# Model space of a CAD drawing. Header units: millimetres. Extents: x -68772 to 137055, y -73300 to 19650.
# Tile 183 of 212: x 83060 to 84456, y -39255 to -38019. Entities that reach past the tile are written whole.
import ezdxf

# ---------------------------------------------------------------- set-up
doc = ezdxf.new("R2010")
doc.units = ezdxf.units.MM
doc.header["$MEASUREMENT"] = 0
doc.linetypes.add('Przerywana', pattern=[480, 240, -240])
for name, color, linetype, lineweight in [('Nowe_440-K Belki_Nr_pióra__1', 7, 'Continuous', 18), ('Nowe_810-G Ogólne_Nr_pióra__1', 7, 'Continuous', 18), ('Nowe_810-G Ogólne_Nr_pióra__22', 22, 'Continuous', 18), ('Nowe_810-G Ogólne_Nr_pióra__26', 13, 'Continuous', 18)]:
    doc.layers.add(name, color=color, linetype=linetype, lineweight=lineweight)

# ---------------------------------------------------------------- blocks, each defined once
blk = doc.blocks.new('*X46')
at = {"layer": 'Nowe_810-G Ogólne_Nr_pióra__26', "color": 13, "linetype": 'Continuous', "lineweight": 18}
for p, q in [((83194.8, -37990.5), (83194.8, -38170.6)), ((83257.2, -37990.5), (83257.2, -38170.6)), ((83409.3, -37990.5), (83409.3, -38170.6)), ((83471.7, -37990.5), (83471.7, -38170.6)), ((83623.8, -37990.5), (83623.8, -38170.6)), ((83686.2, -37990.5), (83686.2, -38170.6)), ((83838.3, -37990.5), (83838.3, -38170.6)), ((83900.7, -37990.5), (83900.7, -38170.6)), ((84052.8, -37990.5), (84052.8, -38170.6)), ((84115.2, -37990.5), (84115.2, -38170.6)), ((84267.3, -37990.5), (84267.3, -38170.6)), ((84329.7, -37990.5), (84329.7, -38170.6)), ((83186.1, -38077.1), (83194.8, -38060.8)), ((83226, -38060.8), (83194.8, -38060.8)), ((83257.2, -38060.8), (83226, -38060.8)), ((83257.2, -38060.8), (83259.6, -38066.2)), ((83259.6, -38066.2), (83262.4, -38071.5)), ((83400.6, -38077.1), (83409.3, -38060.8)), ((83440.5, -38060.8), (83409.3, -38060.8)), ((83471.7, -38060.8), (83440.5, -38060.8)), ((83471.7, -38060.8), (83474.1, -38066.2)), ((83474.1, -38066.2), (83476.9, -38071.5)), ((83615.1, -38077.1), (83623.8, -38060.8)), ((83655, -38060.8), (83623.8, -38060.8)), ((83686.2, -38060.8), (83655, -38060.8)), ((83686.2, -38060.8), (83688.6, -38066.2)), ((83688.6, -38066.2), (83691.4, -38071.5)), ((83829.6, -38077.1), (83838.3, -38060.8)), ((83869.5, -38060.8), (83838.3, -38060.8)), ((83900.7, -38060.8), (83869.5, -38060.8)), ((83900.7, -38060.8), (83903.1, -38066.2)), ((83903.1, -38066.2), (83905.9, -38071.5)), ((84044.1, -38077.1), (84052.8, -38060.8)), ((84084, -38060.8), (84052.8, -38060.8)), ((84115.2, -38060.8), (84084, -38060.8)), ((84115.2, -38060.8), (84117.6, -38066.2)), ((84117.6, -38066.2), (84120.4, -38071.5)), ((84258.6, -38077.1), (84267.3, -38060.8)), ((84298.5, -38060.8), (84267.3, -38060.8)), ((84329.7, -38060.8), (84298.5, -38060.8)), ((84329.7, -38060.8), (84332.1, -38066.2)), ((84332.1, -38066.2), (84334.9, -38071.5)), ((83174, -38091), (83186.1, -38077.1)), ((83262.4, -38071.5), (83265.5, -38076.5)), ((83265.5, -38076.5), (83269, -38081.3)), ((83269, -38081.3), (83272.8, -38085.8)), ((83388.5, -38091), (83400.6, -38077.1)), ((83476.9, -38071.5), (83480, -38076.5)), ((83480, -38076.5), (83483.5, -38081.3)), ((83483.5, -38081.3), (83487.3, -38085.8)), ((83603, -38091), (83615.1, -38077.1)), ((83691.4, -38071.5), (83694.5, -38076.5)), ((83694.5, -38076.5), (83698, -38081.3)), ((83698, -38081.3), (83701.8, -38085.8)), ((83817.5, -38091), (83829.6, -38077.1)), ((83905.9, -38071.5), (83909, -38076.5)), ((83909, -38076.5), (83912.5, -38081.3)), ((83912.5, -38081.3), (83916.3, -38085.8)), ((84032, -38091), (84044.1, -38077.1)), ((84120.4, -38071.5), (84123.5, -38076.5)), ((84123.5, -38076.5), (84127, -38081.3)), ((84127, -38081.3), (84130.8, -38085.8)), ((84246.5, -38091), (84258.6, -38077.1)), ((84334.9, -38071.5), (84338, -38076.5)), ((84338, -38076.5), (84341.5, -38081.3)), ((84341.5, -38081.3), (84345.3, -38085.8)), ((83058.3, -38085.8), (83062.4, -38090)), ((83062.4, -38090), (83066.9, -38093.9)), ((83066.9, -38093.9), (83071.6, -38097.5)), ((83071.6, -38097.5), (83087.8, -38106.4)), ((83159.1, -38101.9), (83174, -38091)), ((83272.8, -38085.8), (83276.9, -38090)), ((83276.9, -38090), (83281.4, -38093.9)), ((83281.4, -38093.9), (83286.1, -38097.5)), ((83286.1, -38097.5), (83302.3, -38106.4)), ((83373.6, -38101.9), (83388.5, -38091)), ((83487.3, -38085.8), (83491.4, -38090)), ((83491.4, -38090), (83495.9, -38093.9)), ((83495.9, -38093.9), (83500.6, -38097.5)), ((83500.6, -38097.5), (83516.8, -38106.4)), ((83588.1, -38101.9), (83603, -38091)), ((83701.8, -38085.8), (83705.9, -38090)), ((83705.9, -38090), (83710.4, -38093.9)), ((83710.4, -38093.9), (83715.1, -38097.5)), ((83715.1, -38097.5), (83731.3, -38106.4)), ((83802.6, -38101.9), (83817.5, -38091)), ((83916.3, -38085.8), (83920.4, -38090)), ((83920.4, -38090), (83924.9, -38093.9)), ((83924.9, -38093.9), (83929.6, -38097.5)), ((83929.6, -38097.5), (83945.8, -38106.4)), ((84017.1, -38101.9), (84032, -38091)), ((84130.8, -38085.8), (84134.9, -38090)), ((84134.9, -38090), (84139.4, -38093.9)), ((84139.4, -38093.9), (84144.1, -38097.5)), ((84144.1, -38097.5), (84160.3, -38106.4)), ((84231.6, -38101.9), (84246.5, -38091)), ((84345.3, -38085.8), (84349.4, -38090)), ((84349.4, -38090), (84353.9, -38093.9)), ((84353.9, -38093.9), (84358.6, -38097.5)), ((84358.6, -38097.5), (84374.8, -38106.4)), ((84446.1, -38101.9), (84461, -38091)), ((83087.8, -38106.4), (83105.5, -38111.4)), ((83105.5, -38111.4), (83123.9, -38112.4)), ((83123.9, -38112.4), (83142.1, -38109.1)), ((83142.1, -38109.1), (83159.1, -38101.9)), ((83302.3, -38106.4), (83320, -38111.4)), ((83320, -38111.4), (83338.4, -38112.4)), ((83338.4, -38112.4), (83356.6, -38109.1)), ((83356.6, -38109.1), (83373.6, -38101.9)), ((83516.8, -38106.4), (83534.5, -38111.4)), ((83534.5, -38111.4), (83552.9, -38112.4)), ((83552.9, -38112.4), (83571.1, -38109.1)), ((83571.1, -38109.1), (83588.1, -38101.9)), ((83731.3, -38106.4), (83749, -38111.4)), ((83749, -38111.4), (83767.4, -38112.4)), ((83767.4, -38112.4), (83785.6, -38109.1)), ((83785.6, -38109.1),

++++

(WORK ORDER)
Reproduce the data, keeping every line exactly the same.

(YOUR RESPONSE)
# Model space of a CAD drawing. Header units: millimetres. Extents: x -68772 to 137055, y -73300 to 19650.
# Tile 183 of 212: x 83060 to 84456, y -39255 to -38019. Entities that reach past the tile are written whole.
import ezdxf

# ---------------------------------------------------------------- set-up
doc = ezdxf.new("R2010")
doc.units = ezdxf.units.MM
doc.header["$MEASUREMENT"] = 0
doc.linetypes.add('Przerywana', pattern=[480, 240, -240])
for name, color, linetype, lineweight in [('Nowe_440-K Belki_Nr_pióra__1', 7, 'Continuous', 18), ('Nowe_810-G Ogólne_Nr_pióra__1', 7, 'Continuous', 18), ('Nowe_810-G Ogólne_Nr_pióra__22', 22, 'Continuous', 18), ('Nowe_810-G Ogólne_Nr_pióra__26', 13, 'Continuous', 18)]:
    doc.layers.add(name, color=color, linetype=linetype, lineweight=lineweight)

# ---------------------------------------------------------------- blocks, each defined once
blk = doc.blocks.new('*X46')
at = {"layer": 'Nowe_810-G Ogólne_Nr_pióra__26', "color": 13, "linetype": 'Continuous', "lineweight": 18}
for p, q in [((83194.8, -37990.5), (83194.8, -38170.6)), ((83257.2, -37990.5), (83257.2, -38170.6)), ((83409.3, -37990.5), (83409.3, -38170.6)), ((83471.7, -37990.5), (83471.7, -38170.6)), ((83623.8, -37990.5), (83623.8, -38170.6)), ((83686.2, -37990.5), (83686.2, -38170.6)), ((83838.3, -37990.5), (83838.3, -38170.6)), ((83900.7, -37990.5), (83900.7, -38170.6)), ((84052.8, -37990.5), (84052.8, -38170.6)), ((84115.2, -37990.5), (84115.2, -38170.6)), ((84267.3, -37990.5), (84267.3, -38170.6)), ((84329.7, -37990.5), (84329.7, -38170.6)), ((83186.1, -38077.1), (83194.8, -38060.8)), ((83226, -38060.8), (83194.8, -38060.8)), ((83257.2, -38060.8), (83226, -38060.8)), ((83257.2, -38060.8), (83259.6, -38066.2)), ((83259.6, -38066.2), (83262.4, -38071.5)), ((83400.6, -38077.1), (83409.3, -38060.8)), ((83440.5, -38060.8), (83409.3, -38060.8)), ((83471.7, -38060.8), (83440.5, -38060.8)), ((83471.7, -38060.8), (83474.1, -38066.2)), ((83474.1, -38066.2), (83476.9, -38071.5)), ((83615.1, -38077.1), (83623.8, -38060.8)), ((83655, -38060.8), (83623.8, -38060.8)), ((83686.2, -38060.8), (83655, -38060.8)), ((83686.2, -38060.8), (83688.6, -38066.2)), ((83688.6, -38066.2), (83691.4, -38071.5)), ((83829.6, -38077.1), (83838.3, -38060.8)), ((83869.5, -38060.8), (83838.3, -38060.8)), ((83900.7, -38060.8), (83869.5, -38060.8)), ((83900.7, -38060.8), (83903.1, -38066.2)), ((83903.1, -38066.2), (83905.9, -38071.5)), ((84044.1, -38077.1), (84052.8, -38060.8)), ((84084, -38060.8), (84052.8, -38060.8)), ((84115.2, -38060.8), (84084, -38060.8)), ((84115.2, -38060.8), (84117.6, -38066.2)), ((84117.6, -38066.2), (84120.4, -38071.5)), ((84258.6, -38077.1), (84267.3, -38060.8)), ((84298.5, -38060.8), (84267.3, -38060.8)), ((84329.7, -38060.8), (84298.5, -38060.8)), ((84329.7, -38060.8), (84332.1, -38066.2)), ((84332.1, -38066.2), (84334.9, -38071.5)), ((83174, -38091), (83186.1, -38077.1)), ((83262.4, -38071.5), (83265.5, -38076.5)), ((83265.5, -38076.5), (83269, -38081.3)), ((83269, -38081.3), (83272.8, -38085.8)), ((83388.5, -38091), (83400.6, -38077.1)), ((83476.9, -38071.5), (83480, -38076.5)), ((83480, -38076.5), (83483.5, -38081.3)), ((83483.5, -38081.3), (83487.3, -38085.8)), ((83603, -38091), (83615.1, -38077.1)), ((83691.4, -38071.5), (83694.5, -38076.5)), ((83694.5, -38076.5), (83698, -38081.3)), ((83698, -38081.3), (83701.8, -38085.8)), ((83817.5, -38091), (83829.6, -38077.1)), ((83905.9, -38071.5), (83909, -38076.5)), ((83909, -38076.5), (83912.5, -38081.3)), ((83912.5, -38081.3), (83916.3, -38085.8)), ((84032, -38091), (84044.1, -38077.1)), ((84120.4, -38071.5), (84123.5, -38076.5)), ((84123.5, -38076.5), (84127, -38081.3)), ((84127, -38081.3), (84130.8, -38085.8)), ((84246.5, -38091), (84258.6, -38077.1)), ((84334.9, -38071.5), (84338, -38076.5)), ((84338, -38076.5), (84341.5, -38081.3)), ((84341.5, -38081.3), (84345.3, -38085.8)), ((83058.3, -38085.8), (83062.4, -38090)), ((83062.4, -38090), (83066.9, -38093.9)), ((83066.9, -38093.9), (83071.6, -38097.5)), ((83071.6, -38097.5), (83087.8, -38106.4)), ((83159.1, -38101.9), (83174, -38091)), ((83272.8, -38085.8), (83276.9, -38090)), ((83276.9, -38090), (83281.4, -38093.9)), ((83281.4, -38093.9), (83286.1, -38097.5)), ((83286.1, -38097.5), (83302.3, -38106.4)), ((83373.6, -38101.9), (83388.5, -38091)), ((83487.3, -38085.8), (83491.4, -38090)), ((83491.4, -38090), (83495.9, -38093.9)), ((83495.9, -38093.9), (83500.6, -38097.5)), ((83500.6, -38097.5), (83516.8, -38106.4)), ((83588.1, -38101.9), (83603, -38091)), ((83701.8, -38085.8), (83705.9, -38090)), ((83705.9, -38090), (83710.4, -38093.9)), ((83710.4, -38093.9), (83715.1, -38097.5)), ((83715.1, -38097.5), (83731.3, -38106.4)), ((83802.6, -38101.9), (83817.5, -38091)), ((83916.3, -38085.8), (83920.4, -38090)), ((83920.4, -38090), (83924.9, -38093.9)), ((83924.9, -38093.9), (83929.6, -38097.5)), ((83929.6, -38097.5), (83945.8, -38106.4)), ((84017.1, -38101.9), (84032, -38091)), ((84130.8, -38085.8), (84134.9, -38090)), ((84134.9, -38090), (84139.4, -38093.9)), ((84139.4, -38093.9), (84144.1, -38097.5)), ((84144.1, -38097.5), (84160.3, -38106.4)), ((84231.6, -38101.9), (84246.5, -38091)), ((84345.3, -38085.8), (84349.4, -38090)), ((84349.4, -38090), (84353.9, -38093.9)), ((84353.9, -38093.9), (84358.6, -38097.5)), ((84358.6, -38097.5), (84374.8, -38106.4)), ((84446.1, -38101.9), (84461, -38091)), ((83087.8, -38106.4), (83105.5, -38111.4)), ((83105.5, -38111.4), (83123.9, -38112.4)), ((83123.9, -38112.4), (83142.1, -38109.1)), ((83142.1, -38109.1), (83159.1, -38101.9)), ((83302.3, -38106.4), (83320, -38111.4)), ((83320, -38111.4), (83338.4, -38112.4)), ((83338.4, -38112.4), (83356.6, -38109.1)), ((83356.6, -38109.1), (83373.6, -38101.9)), ((83516.8, -38106.4), (83534.5, -38111.4)), ((83534.5, -38111.4), (83552.9, -38112.4)), ((83552.9, -38112.4), (83571.1, -38109.1)), ((83571.1, -38109.1), (83588.1, -38101.9)), ((83731.3, -38106.4), (83749, -38111.4)), ((83749, -38111.4), (83767.4, -38112.4)), ((83767.4, -38112.4), (83785.6, -38109.1)), ((83785.6, -38109.1),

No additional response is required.